Whiteley Louise, Sahani Maneesh
Gatsby Computational Neuroscience Unit, University College London London, UK.
Front Hum Neurosci. 2012 Jun 14;6:100. doi: 10.3389/fnhum.2012.00100. eCollection 2012.
The behavioral phenomena of sensory attention are thought to reflect the allocation of a limited processing resource, but there is little consensus on the nature of the resource or why it should be limited. Here we argue that a fundamental bottleneck emerges naturally within Bayesian models of perception, and use this observation to frame a new computational account of the need for, and action of, attention - unifying diverse attentional phenomena in a way that goes beyond previous inferential, probabilistic and Bayesian models. Attentional effects are most evident in cluttered environments, and include both selective phenomena, where attention is invoked by cues that point to particular stimuli, and integrative phenomena, where attention is invoked dynamically by endogenous processing. However, most previous Bayesian accounts of attention have focused on describing relatively simple experimental settings, where cues shape expectations about a small number of upcoming stimuli and thus convey "prior" information about clearly defined objects. While operationally consistent with the experiments it seeks to describe, this view of attention as prior seems to miss many essential elements of both its selective and integrative roles, and thus cannot be easily extended to complex environments. We suggest that the resource bottleneck stems from the computational intractability of exact perceptual inference in complex settings, and that attention reflects an evolved mechanism for approximate inference which can be shaped to refine the local accuracy of perception. We show that this approach extends the simple picture of attention as prior, so as to provide a unified and computationally driven account of both selective and integrative attentional phenomena.
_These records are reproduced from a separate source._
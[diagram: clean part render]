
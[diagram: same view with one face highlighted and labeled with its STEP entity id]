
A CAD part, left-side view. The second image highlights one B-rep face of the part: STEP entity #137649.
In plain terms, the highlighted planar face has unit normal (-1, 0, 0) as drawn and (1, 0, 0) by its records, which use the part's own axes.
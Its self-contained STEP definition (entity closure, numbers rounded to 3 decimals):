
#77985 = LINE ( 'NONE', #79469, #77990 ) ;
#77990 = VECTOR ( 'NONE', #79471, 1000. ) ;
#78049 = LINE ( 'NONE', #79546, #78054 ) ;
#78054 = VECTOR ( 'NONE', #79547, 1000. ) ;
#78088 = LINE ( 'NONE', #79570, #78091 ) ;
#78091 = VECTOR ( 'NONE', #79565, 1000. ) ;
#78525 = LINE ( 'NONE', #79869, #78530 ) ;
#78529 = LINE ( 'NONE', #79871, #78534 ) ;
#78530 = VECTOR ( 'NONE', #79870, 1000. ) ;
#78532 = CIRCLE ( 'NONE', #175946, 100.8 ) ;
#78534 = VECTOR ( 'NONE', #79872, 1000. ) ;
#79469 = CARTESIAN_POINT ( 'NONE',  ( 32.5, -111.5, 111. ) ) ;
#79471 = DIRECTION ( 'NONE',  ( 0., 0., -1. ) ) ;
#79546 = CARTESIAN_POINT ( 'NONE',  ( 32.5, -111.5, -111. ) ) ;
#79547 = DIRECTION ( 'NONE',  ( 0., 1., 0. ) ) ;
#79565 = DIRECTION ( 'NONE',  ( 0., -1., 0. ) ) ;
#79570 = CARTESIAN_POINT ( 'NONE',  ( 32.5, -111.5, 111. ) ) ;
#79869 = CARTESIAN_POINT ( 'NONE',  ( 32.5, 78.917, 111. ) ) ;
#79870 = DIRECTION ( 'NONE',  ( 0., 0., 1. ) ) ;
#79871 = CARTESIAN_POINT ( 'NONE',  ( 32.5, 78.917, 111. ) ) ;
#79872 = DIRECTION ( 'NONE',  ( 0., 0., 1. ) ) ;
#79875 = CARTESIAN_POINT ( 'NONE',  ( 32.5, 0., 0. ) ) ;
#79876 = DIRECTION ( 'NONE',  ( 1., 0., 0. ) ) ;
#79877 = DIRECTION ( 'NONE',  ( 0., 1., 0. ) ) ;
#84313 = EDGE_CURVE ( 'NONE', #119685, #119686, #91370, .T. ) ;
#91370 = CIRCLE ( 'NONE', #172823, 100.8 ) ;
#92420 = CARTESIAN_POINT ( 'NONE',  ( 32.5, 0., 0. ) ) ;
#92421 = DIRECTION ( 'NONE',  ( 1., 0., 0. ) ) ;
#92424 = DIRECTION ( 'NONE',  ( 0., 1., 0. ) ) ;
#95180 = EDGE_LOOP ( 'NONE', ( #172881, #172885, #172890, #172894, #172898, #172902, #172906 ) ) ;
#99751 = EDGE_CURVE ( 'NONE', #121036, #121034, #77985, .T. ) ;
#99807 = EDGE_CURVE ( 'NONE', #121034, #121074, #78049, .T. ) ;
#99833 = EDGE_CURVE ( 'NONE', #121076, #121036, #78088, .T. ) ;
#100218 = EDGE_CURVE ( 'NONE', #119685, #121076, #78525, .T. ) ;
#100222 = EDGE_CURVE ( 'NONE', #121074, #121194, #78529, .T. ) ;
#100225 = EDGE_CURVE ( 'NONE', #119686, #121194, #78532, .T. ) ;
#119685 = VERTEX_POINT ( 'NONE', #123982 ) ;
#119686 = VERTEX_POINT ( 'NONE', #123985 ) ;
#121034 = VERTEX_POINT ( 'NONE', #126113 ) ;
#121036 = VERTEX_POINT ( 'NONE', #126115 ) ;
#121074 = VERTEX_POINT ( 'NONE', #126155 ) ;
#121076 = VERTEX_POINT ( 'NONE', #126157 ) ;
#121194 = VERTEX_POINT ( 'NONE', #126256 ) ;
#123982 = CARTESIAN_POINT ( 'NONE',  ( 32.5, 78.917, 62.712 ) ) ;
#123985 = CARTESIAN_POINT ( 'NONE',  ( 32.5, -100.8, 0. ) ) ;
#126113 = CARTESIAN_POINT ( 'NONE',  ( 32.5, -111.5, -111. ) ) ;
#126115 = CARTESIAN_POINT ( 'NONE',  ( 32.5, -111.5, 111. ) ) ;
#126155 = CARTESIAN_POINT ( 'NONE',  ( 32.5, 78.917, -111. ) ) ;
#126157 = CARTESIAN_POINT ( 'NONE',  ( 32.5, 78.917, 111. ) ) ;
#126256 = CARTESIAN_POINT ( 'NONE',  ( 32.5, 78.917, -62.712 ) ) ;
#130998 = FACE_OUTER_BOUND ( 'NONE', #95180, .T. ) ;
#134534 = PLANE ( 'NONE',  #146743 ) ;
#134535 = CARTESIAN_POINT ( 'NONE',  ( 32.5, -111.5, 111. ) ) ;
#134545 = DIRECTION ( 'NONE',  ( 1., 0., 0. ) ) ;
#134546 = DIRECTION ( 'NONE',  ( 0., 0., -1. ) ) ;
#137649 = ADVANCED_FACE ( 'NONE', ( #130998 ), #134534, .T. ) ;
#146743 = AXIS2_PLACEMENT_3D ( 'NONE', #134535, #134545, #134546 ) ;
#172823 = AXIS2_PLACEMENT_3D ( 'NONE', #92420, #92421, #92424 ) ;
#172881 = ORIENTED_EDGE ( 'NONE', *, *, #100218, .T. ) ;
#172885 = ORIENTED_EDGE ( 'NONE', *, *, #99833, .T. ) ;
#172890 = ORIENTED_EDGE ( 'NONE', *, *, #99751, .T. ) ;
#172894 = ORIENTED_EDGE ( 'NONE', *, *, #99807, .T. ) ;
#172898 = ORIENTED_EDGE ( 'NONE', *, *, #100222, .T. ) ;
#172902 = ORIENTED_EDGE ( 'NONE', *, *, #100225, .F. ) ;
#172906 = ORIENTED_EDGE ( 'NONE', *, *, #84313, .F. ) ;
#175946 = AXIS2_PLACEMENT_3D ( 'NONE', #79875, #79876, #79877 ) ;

感觉注意的行为现象被认为反映了一种有限加工资源的分配,但对于该资源的性质以及为何它应该是有限的,几乎没有达成共识。在这里,我们认为在贝叶斯感知模型中自然会出现一个基本瓶颈,并利用这一观察结果构建一个关于注意的需求和作用的新计算解释——以一种超越先前的推理、概率和贝叶斯模型的方式统一各种注意现象。注意效应在杂乱的环境中最为明显,包括选择性现象(其中注意由指向特定刺激的线索引发)和整合性现象(其中注意由内源性加工动态引发)。然而,以前大多数关于注意的贝叶斯解释都集中在描述相对简单的实验设置上,在这些设置中,线索塑造了对少量即将到来的刺激的预期,从而传达了关于明确界定对象的“先验”信息。虽然在操作上与它试图描述的实验一致,但这种将注意视为先验的观点似乎遗漏了其选择性和整合性作用的许多基本要素,因此不容易扩展到复杂环境。我们认为资源瓶颈源于复杂环境中精确感知推理的计算难处理性,并且注意反映了一种用于近似推理的进化机制,这种机制可以被塑造以提高感知的局部准确性。我们表明,这种方法扩展了将注意视为先验的简单图景,从而为选择性和整合性注意现象提供了一个统一的、由计算驱动的解释。